*** Opening Supplied records ***
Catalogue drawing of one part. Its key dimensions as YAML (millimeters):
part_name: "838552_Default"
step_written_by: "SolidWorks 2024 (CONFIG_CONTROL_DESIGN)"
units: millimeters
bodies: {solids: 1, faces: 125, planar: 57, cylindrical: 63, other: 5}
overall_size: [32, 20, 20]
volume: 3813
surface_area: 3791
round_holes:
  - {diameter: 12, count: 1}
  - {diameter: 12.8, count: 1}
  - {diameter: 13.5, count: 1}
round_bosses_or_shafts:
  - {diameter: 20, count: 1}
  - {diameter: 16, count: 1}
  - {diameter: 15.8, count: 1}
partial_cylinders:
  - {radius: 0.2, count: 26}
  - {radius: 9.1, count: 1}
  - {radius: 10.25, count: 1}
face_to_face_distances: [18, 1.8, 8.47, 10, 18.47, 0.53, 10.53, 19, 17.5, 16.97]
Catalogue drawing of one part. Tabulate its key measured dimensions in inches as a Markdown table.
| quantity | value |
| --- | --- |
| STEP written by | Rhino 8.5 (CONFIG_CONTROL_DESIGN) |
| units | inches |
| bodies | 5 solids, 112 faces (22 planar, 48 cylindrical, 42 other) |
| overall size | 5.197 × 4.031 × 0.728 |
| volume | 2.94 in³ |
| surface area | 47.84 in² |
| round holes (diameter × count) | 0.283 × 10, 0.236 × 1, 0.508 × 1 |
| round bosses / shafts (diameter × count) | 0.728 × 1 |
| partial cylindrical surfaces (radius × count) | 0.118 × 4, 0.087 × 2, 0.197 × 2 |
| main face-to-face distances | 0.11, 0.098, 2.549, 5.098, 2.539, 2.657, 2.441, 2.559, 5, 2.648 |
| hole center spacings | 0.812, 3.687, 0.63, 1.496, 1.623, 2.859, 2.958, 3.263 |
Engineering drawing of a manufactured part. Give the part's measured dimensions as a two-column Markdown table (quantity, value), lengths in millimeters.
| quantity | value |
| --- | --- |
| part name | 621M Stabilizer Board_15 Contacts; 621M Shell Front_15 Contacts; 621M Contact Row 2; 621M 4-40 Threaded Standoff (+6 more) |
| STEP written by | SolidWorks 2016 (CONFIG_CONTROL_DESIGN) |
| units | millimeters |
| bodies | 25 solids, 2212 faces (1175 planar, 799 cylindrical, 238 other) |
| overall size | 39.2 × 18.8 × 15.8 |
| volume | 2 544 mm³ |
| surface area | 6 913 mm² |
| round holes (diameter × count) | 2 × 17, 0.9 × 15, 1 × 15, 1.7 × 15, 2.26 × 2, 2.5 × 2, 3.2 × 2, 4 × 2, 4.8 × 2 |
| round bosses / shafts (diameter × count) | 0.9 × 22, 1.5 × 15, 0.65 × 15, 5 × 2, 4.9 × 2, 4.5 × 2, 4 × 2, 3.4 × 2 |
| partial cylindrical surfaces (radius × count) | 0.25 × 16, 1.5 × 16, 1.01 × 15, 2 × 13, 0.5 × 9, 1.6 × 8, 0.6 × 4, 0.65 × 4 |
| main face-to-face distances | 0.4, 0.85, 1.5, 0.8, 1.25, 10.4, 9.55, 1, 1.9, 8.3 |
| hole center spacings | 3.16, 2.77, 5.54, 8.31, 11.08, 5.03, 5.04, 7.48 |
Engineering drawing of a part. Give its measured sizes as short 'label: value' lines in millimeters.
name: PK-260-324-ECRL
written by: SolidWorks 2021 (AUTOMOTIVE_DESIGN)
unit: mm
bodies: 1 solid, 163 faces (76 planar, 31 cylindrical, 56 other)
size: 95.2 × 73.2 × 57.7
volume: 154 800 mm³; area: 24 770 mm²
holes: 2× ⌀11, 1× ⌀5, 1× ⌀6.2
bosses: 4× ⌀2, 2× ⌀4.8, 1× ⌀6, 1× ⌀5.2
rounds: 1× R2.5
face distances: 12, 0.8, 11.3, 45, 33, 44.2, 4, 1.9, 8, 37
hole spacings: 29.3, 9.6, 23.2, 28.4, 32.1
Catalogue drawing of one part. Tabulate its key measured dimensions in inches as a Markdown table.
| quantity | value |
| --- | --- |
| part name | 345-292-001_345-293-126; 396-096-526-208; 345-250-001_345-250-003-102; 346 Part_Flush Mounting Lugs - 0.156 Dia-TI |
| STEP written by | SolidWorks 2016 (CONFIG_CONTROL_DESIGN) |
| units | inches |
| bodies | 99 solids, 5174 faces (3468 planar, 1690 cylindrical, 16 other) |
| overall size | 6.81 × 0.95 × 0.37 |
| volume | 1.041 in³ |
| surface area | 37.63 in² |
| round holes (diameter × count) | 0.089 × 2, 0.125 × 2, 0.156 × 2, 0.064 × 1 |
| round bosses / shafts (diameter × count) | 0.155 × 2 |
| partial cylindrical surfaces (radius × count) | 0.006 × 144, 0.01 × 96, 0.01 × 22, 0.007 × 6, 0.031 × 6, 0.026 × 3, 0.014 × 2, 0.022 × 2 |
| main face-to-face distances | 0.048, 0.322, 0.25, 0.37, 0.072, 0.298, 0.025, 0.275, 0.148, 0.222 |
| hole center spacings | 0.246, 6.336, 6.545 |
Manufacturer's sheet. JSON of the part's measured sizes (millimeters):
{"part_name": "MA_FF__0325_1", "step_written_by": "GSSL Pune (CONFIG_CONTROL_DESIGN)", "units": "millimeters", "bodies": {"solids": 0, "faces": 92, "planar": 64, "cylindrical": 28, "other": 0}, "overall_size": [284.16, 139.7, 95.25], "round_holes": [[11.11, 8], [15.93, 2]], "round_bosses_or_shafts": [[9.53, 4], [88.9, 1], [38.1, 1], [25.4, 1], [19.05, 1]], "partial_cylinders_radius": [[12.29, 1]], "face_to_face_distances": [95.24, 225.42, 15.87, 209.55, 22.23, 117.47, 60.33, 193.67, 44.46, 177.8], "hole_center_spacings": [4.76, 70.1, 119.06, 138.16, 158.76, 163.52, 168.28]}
*** Closing Supplied records ***
_Task requirements_
Count the lines in the records above that contain the word "sizes", and reply with only that number.

_Exercise result_
2